Source records
—————

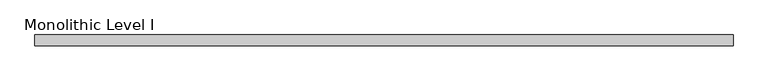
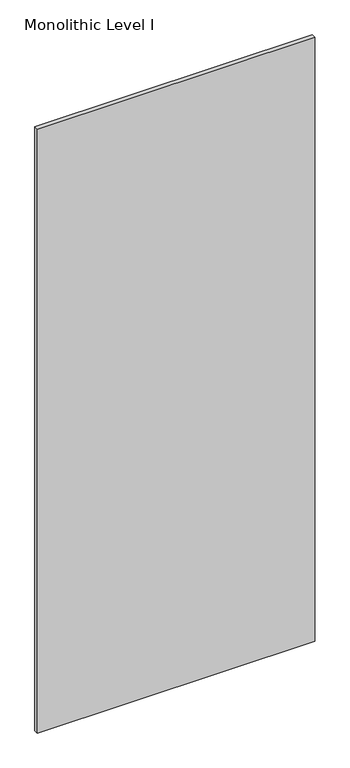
"""IFC4 building model written with IfcOpenShell, lengths in millimetres: proxy geometry, Panel-Fascia-Teknion-Altos-Standard : Monolithic Level I."""

from ifc_helpers import new_model, si_unit, frame, origin, place, context, project, spatial, polyline, outline, extrude, source, transform, mapped, element, save


def monolithic_level_i_c3871bc0(model_context):
    return source(origin(), model_context, "Body", "SweptSolid", [
        extrude(outline(polyline([(624.8300781, 9.525), (624.8300781, -9.525), (-624.8300781, -9.525), (-624.8300781, 9.525), (624.8300781, 9.525)])), frame((0.0, 0.0, 3.175), z_axis=(0.0, 0.0, 1.0), x_axis=(1.0, 0.0, 0.0)), (0.0, 0.0, 1.0), 2877.693),
    ])


if __name__ == "__main__":
    model = new_model("IFC4")
    model_context = context("Model", 3, world=origin())
    ifc_project = project(units=[si_unit("LENGTHUNIT", "METRE", prefix="MILLI")], contexts=[model_context])
    site = spatial("IfcSite", under=ifc_project)
    building = spatial("IfcBuilding", under=site)
    placement = place(None, origin())
    monolithic_level_i_shape = monolithic_level_i_c3871bc0(model_context)
    element("IfcBuildingElementProxy", 1, Name="Panel-Fascia-Teknion-Altos-Standard : Monolithic Level I", ObjectType="Panel-Fascia-Teknion-Altos-Standard : Monolithic Level I", at=placement, inside=building, context=model_context, shape_type="MappedRepresentation", body=[
        mapped(monolithic_level_i_shape, transform((0.0, 0.0, 0.0), x_axis=(1.0, 0.0, 0.0), y_axis=(0.0, 1.0, 0.0), z_axis=(0.0, 0.0, 1.0))),
    ])
    save(model, "model.ifc")

—————

**Goal of the exercise**
If a line above holds the string "transform", copy it out.

**Solved problem**
from ifc_helpers import new_model, si_unit, frame, origin, place, context, project, spatial, polyline, outline, extrude, source, transform, mapped, element, save
        mapped(monolithic_level_i_shape, transform((0.0, 0.0, 0.0), x_axis=(1.0, 0.0, 0.0), y_axis=(0.0, 1.0, 0.0), z_axis=(0.0, 0.0, 1.0))),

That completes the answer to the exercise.